__RECORDED DATA__:

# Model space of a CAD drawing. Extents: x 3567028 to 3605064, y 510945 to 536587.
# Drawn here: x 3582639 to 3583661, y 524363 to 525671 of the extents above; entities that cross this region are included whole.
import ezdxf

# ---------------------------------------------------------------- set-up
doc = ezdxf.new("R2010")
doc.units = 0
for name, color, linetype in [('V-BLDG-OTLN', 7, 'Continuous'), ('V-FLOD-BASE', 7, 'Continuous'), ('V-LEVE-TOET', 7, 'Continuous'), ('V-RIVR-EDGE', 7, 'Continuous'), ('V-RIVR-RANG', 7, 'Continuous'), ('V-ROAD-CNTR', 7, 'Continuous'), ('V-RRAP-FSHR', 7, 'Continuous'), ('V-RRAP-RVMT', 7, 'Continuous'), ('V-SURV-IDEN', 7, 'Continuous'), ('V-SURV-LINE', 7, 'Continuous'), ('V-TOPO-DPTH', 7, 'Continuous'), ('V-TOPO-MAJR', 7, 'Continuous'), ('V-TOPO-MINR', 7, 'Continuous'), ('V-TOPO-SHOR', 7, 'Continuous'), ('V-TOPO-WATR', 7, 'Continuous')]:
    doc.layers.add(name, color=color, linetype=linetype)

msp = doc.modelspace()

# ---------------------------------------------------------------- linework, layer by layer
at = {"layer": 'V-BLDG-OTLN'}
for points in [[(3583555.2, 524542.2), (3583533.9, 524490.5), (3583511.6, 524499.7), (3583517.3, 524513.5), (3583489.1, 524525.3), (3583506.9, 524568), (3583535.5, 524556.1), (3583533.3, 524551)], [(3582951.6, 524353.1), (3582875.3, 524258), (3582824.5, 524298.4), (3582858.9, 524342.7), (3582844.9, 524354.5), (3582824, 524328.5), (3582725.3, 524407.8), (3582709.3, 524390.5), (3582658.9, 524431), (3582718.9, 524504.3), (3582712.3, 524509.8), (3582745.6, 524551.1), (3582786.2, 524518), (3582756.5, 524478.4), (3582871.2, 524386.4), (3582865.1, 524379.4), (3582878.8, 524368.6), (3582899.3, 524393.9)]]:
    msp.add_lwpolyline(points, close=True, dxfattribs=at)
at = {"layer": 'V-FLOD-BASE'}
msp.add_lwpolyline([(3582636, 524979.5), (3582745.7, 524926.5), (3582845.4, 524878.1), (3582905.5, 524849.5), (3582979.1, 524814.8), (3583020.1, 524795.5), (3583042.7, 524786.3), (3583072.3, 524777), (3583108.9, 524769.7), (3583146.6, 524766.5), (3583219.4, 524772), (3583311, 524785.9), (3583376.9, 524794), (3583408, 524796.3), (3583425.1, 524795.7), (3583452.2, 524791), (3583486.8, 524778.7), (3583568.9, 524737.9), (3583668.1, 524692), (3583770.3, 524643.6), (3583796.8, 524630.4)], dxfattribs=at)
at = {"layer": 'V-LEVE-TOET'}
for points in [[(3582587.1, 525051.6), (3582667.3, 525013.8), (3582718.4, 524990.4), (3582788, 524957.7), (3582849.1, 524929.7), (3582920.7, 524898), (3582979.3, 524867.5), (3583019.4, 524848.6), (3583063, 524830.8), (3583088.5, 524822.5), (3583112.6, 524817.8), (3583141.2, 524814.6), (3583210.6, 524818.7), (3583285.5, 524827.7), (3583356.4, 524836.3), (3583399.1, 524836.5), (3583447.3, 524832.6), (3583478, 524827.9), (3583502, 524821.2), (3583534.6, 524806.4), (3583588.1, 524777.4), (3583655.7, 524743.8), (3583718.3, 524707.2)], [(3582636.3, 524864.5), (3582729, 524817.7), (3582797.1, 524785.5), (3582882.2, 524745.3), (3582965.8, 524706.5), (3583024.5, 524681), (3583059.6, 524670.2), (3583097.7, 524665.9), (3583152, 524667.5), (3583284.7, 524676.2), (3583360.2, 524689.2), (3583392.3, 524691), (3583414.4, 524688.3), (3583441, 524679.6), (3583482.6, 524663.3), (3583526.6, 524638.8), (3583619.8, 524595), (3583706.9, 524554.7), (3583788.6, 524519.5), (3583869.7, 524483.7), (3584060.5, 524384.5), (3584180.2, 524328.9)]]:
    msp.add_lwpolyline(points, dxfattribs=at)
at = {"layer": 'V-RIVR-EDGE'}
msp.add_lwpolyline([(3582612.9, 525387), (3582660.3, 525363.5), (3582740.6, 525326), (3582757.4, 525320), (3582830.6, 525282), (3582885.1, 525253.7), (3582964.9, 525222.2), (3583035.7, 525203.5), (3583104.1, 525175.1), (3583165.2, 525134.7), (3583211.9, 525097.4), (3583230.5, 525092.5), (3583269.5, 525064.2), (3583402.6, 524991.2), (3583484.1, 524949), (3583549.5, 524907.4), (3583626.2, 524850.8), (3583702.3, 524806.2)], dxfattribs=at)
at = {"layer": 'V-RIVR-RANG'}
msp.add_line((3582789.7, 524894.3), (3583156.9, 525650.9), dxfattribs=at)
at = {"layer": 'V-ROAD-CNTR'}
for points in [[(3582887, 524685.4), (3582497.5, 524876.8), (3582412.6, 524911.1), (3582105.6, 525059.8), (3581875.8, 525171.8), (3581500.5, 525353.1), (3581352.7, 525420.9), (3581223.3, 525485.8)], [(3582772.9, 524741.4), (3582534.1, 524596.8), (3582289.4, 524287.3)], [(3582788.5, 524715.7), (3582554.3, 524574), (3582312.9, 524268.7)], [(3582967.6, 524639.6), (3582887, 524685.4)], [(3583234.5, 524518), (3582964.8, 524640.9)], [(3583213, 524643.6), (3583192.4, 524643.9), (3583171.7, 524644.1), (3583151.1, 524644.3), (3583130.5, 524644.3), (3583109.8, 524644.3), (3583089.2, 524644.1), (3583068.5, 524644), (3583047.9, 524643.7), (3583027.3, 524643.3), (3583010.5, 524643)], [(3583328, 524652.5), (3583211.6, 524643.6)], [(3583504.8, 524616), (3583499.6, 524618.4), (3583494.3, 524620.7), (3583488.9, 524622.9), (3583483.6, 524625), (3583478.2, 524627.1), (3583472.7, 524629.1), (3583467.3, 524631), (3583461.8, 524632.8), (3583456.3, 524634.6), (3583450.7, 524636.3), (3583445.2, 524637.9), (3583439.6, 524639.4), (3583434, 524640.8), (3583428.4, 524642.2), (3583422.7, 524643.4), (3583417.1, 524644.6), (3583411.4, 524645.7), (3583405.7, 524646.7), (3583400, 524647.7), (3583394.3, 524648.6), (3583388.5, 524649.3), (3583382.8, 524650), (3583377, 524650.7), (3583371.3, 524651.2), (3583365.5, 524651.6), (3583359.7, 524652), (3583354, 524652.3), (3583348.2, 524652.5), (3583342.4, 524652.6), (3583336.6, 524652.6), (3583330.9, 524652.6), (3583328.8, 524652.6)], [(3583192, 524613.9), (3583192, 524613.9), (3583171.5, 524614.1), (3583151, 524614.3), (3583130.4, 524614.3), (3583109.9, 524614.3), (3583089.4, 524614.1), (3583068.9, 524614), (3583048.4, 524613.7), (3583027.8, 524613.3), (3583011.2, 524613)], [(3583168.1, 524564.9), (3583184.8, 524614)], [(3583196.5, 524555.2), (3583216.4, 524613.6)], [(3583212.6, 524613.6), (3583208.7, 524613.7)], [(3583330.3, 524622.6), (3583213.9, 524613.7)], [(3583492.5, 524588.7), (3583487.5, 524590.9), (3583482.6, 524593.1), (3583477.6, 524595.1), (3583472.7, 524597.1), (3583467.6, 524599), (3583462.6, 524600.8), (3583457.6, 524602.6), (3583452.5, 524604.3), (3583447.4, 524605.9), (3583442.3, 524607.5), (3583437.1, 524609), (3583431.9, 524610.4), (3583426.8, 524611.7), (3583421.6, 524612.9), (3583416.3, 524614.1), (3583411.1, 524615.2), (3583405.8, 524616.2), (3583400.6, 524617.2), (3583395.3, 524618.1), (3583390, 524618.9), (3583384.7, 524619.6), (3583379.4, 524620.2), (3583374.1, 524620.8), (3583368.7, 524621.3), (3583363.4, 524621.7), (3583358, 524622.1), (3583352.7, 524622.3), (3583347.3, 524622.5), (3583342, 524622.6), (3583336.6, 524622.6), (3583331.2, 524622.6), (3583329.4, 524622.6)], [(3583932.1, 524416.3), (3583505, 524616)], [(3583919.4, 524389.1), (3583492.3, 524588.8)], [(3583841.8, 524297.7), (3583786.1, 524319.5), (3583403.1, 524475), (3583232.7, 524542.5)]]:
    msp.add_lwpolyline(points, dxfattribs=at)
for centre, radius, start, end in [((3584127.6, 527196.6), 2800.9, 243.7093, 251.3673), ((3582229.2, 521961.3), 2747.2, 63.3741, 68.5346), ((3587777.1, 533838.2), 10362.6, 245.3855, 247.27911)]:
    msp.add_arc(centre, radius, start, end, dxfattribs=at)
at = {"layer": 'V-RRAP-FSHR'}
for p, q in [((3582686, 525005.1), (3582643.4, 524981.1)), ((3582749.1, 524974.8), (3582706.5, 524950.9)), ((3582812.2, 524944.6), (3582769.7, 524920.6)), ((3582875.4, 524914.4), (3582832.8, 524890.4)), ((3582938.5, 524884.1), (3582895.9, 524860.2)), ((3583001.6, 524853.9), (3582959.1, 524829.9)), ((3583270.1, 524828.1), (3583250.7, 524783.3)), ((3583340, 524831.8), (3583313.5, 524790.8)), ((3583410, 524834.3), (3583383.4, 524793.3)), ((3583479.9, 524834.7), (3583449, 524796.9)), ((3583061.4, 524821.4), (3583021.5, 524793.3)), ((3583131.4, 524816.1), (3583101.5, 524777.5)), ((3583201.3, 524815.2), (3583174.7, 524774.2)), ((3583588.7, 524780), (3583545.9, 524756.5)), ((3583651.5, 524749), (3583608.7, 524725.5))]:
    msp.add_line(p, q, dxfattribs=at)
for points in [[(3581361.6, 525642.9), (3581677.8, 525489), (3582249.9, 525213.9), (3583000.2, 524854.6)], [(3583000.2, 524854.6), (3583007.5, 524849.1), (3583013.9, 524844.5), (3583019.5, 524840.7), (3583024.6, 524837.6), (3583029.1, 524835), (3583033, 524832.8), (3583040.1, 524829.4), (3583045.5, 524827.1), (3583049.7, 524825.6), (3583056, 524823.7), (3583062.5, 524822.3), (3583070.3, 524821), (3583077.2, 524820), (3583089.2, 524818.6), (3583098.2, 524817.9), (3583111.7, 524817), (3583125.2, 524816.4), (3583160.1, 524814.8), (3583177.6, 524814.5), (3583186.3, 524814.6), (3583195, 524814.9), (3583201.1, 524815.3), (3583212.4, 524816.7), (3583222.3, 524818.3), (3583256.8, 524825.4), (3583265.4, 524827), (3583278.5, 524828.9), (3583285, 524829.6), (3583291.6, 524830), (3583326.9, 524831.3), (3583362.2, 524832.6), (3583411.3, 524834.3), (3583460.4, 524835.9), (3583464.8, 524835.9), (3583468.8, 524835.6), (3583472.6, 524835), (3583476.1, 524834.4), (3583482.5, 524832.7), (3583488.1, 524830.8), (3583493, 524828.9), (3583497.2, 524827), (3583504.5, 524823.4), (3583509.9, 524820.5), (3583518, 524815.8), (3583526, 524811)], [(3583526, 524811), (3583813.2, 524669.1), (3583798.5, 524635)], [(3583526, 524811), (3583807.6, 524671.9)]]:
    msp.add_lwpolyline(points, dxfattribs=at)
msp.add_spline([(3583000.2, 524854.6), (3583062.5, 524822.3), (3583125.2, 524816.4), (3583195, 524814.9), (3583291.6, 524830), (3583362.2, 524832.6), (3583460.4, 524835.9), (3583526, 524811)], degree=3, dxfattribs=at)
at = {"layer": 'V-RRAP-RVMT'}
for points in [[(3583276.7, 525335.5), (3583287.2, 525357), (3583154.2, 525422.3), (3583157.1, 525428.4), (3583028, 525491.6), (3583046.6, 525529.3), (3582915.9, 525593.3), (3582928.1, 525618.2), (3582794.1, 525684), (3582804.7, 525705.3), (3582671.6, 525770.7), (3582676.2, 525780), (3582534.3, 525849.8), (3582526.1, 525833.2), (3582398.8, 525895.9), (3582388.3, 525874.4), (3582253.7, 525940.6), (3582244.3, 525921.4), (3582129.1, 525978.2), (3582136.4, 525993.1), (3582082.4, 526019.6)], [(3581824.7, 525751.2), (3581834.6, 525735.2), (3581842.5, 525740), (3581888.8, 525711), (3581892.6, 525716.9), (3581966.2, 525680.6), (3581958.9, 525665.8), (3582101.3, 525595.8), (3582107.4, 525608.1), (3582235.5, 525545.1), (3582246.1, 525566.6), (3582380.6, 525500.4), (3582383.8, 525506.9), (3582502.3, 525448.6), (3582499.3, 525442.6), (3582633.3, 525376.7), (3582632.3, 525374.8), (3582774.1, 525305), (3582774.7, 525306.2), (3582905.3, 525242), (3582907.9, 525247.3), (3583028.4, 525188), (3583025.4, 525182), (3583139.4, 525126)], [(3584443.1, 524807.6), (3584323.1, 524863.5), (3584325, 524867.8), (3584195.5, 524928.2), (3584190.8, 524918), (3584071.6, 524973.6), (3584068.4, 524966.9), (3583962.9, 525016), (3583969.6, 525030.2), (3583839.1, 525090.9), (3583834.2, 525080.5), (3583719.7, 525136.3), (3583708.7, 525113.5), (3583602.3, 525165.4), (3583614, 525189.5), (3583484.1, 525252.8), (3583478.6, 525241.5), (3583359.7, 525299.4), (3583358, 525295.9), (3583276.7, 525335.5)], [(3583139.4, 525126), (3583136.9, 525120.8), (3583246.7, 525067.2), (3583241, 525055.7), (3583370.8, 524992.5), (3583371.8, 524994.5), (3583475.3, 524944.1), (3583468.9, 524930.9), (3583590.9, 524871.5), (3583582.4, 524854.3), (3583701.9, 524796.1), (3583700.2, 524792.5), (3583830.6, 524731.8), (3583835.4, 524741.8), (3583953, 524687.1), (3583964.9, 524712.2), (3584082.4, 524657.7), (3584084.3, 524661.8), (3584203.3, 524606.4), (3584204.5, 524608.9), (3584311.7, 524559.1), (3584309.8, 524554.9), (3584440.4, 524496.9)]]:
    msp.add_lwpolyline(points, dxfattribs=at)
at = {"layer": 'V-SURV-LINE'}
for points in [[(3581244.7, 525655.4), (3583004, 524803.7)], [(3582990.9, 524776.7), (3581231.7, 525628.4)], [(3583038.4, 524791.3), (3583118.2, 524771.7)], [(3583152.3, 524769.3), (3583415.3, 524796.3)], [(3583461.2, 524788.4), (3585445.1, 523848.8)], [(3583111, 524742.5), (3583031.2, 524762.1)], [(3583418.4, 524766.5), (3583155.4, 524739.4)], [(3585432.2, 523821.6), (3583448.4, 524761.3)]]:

__WHAT IS REQUIRED__: Here the job is to output the lines from the start of the material through the line with "import ezdxf", inclusive, exactly and with nothing else.

__ANSWER TO THIS TASK__:
# Model space of a CAD drawing. Extents: x 3567028 to 3605064, y 510945 to 536587.
# Drawn here: x 3582639 to 3583661, y 524363 to 525671 of the extents above; entities that cross this region are included whole.
import ezdxf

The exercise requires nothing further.